**WHAT YOU NEED TO DO**
What lines in the entries hold the string "BACK"? List them.

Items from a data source
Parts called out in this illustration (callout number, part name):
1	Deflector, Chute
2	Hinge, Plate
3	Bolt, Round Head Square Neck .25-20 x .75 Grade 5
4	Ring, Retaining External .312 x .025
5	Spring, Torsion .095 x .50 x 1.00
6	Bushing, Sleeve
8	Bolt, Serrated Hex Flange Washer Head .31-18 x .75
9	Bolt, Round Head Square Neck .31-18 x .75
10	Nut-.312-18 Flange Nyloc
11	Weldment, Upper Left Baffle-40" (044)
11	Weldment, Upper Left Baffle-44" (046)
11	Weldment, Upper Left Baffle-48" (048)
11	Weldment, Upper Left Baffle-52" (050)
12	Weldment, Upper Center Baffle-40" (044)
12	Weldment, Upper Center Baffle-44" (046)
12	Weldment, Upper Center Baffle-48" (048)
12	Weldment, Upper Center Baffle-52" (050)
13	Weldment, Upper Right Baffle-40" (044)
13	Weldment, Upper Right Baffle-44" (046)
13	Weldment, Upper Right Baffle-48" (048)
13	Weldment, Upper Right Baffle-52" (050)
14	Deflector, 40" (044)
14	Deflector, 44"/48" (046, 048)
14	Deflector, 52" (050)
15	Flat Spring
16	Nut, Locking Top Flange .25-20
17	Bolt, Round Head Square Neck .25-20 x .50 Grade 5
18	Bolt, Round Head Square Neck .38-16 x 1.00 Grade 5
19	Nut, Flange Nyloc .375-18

---

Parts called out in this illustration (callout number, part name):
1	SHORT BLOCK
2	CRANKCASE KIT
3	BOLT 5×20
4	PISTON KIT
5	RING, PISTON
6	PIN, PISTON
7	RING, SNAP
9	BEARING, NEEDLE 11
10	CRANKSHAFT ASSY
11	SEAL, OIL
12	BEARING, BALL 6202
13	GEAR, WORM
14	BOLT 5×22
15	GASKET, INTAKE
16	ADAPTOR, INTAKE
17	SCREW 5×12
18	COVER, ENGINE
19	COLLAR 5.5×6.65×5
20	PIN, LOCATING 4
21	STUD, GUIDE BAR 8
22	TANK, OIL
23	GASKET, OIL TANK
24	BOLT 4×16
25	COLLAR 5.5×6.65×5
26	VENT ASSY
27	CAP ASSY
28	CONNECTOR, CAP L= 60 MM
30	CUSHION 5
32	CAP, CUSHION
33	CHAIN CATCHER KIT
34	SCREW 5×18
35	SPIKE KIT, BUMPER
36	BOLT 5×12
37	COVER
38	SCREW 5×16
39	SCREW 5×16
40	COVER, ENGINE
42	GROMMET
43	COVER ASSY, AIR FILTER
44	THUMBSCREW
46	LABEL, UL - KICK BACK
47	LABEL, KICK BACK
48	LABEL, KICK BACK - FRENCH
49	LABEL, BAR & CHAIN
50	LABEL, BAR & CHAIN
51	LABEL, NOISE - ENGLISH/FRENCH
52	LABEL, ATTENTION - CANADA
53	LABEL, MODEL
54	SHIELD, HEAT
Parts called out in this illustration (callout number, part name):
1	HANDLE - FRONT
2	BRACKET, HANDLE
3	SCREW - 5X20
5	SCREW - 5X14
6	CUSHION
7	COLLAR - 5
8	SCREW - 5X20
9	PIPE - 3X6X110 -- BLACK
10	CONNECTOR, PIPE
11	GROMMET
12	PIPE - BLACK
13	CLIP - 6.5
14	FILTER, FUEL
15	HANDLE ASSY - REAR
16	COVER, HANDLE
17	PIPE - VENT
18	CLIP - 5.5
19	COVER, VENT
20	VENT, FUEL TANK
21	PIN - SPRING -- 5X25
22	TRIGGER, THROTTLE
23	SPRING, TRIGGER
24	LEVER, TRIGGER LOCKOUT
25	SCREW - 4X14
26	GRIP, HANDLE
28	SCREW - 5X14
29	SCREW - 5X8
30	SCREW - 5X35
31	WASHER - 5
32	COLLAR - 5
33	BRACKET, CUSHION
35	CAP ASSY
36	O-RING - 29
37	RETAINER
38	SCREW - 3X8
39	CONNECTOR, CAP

**EXPECTED ANSWER**
46	LABEL, UL - KICK BACK
47	LABEL, KICK BACK
48	LABEL, KICK BACK - FRENCH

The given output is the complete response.